それでは、「naughtyCell」の実装を見てみましょう。
class naughtyCell: UITableViewCell {
@IBOutlet weak var catNameLabel: UILabel!
/*
もちろん、ネコの行儀の悪さは変化します。
- 2つのボタンを設けてこれに対応します。
-- 行儀悪さのランクをアップ
-- 行儀悪さのランクをダウン
*/
@IBAction func actionMoveUp(){
catTableView.moveCatUp(forCatNumber: catID)
}
@IBAction func actionMoveDown(){
catTableView.moveCatDown(forCatNumber: catID)
}
/*
そして、「catList」への参照を保存しなければなりません。なぜならネコの順番、そしてUITableViewCellsの表示順を変更したいからです。
*/
var catTableView: catList!
/*
また、どのネコのランクがアップまたはダウンしたのかがわかるように、ネコのIDを保存する変数を作ります...
*/
var catID: Int!
}
強い参照 (Strong Reference) に気付きましたか?
override func tableView(_ tableView: UITableView, cellForRowAt indexPath: IndexPath) -> UITableViewCell {
let cell = tableView.dequeueReusableCell(withIdentifier: "naughtyCell") as! naughtyCell
let catName = myCats[indexPath.row]
cell.catNameLabel.text = catName
cell.catTableView = self
cell.catID = indexPath.row
return cell
}
これは「naughtyCell」が「catList」を参照している例です。
var catTableView: catList!
これは「catList」が「naughtyCell」を参照している例です。
cell.catTableView = self
これらの2つのコンポーネントは互いを参照しています。:
さて、私たちは「catTableView.moveCatUp(forCatNumber: catID)」と「catTableView.moveCatDown(forCatNumber: catID)」を呼び出す必要があるため、「naughtyCell」をそれぞれの「naughtyCell」に保存する必要があることを思い出してください。解決策は?「プロトコルデリゲート」を使うことです。
デリゲート (Delegate / Protocol) は、2つのプログラミングクラス間で情報を渡すメディアのようなものです。2つの関数を持つデリゲートを作成できます:
protocol catListActionDelegate: AnyObject {
func moveCatUp(forCatNumber: Int)
func moveCatDown(forCatNumber: Int)
}
次に、型「catListActionDelegate」を持つ変数を「naughtyCell」に導入し、代わりにそのデリゲート内の関数を呼び出します。
weak var delegate: catListActionDelegate?

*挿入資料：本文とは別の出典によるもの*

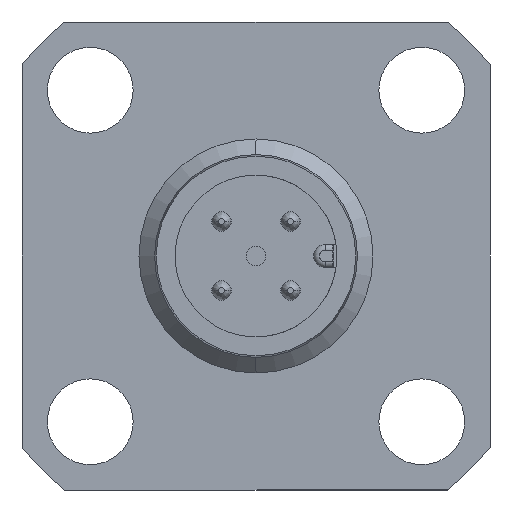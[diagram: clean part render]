
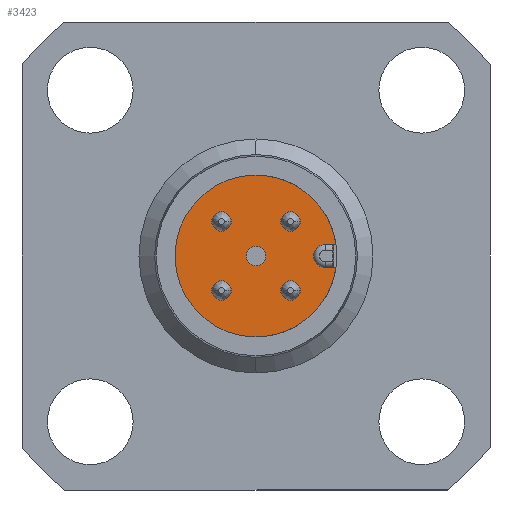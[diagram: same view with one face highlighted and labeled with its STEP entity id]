
A CAD part, front view. The second image highlights one B-rep face of the part: STEP entity #3423.
In plain terms, the highlighted planar face has unit normal (0, -1, 0).
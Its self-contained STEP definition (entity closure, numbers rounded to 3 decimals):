
#235 = ORIENTED_EDGE ( 'NONE', *, *, #1257, .F. ) ;
#378 = ORIENTED_EDGE ( 'NONE', *, *, #880, .F. ) ;
#452 = CARTESIAN_POINT ( 'NONE',  ( -44.5, -28.5, 0. ) ) ;
#790 = ORIENTED_EDGE ( 'NONE', *, *, #4568, .F. ) ;
#880 = EDGE_CURVE ( 'NONE', #5159, #3268, #3668, .T. ) ;
#888 = DIRECTION ( 'NONE',  ( 0., 0., 1. ) ) ;
#900 = DIRECTION ( 'NONE',  ( 0., -1., 0. ) ) ;
#1165 = AXIS2_PLACEMENT_3D ( 'NONE', #1591, #5392, #4351 ) ;
#1257 = EDGE_CURVE ( 'NONE', #2768, #4002, #1821, .T. ) ;
#1591 = CARTESIAN_POINT ( 'NONE',  ( -44.5, -28.5, 0. ) ) ;
#1744 = PLANE ( 'NONE',  #5499 ) ;
#1821 = CIRCLE ( 'NONE', #5602, 0.5 ) ;
#1909 = CARTESIAN_POINT ( 'NONE',  ( -44.5, -28.5, 0. ) ) ;
#2079 = AXIS2_PLACEMENT_3D ( 'NONE', #452, #3599, #888 ) ;
#2139 = CIRCLE ( 'NONE', #4138, 0.5 ) ;
#2197 = DIRECTION ( 'NONE',  ( 0., 1., 0. ) ) ;
#2399 = EDGE_CURVE ( 'NONE', #4002, #2768, #2139, .T. ) ;
#2400 = ORIENTED_EDGE ( 'NONE', *, *, #2399, .F. ) ;
#2475 = FACE_OUTER_BOUND ( 'NONE', #5145, .T. ) ;
#2768 = VERTEX_POINT ( 'NONE', #5757 ) ;
#3098 = CARTESIAN_POINT ( 'NONE',  ( -44.5, -28.5, 0. ) ) ;
#3268 = VERTEX_POINT ( 'NONE', #3887 ) ;
#3423 = ADVANCED_FACE ( 'NONE', ( #2475, #4909 ), #1744, .F. ) ;
#3599 = DIRECTION ( 'NONE',  ( 0., 1., 0. ) ) ;
#3621 = CARTESIAN_POINT ( 'NONE',  ( -44.5, -28.5, 0. ) ) ;
#3668 = CIRCLE ( 'NONE', #1165, 4.15 ) ;
#3887 = CARTESIAN_POINT ( 'NONE',  ( -44.5, -28.5, 4.15 ) ) ;
#3967 = CARTESIAN_POINT ( 'NONE',  ( -44.5, -28.5, 0.5 ) ) ;
#4002 = VERTEX_POINT ( 'NONE', #3967 ) ;
#4083 = DIRECTION ( 'NONE',  ( 0., 0., 1. ) ) ;
#4128 = CARTESIAN_POINT ( 'NONE',  ( -44.5, -28.5, -4.15 ) ) ;
#4138 = AXIS2_PLACEMENT_3D ( 'NONE', #3621, #900, #4083 ) ;
#4143 = DIRECTION ( 'NONE',  ( 0., 0., 1. ) ) ;
#4351 = DIRECTION ( 'NONE',  ( 0., 0., 1. ) ) ;
#4568 = EDGE_CURVE ( 'NONE', #3268, #5159, #5175, .T. ) ;
#4622 = DIRECTION ( 'NONE',  ( 0., -1., 0. ) ) ;
#4909 = FACE_BOUND ( 'NONE', #5561, .T. ) ;
#5145 = EDGE_LOOP ( 'NONE', ( #790, #378 ) ) ;
#5159 = VERTEX_POINT ( 'NONE', #4128 ) ;
#5175 = CIRCLE ( 'NONE', #2079, 4.15 ) ;
#5370 = DIRECTION ( 'NONE',  ( 0., 0., 1. ) ) ;
#5392 = DIRECTION ( 'NONE',  ( 0., 1., 0. ) ) ;
#5499 = AXIS2_PLACEMENT_3D ( 'NONE', #3098, #2197, #5370 ) ;
#5561 = EDGE_LOOP ( 'NONE', ( #2400, #235 ) ) ;
#5602 = AXIS2_PLACEMENT_3D ( 'NONE', #1909, #4622, #4143 ) ;
#5757 = CARTESIAN_POINT ( 'NONE',  ( -44.5, -28.5, -0.5 ) ) ;

そして、ユーザーがアクションを実行したときに、デリゲート内の関数を呼び出します。
@IBAction func actionMoveUp(){
delegate?.moveCatUp(forCatNumber: catID)
}
@IBAction func actionMoveDown(){
delegate?.moveCatDown(forCatNumber: catID)
}
catList(UITableView)で、デリゲートを実装します:
class fixedCatList: UITableViewController, catListActionDelegate
そして、必要とされるデリゲート関数を実装する必要があります。デリゲート内の関数名が「catList」内の既存の関数名と一致するため、ここでは何もする必要はありません。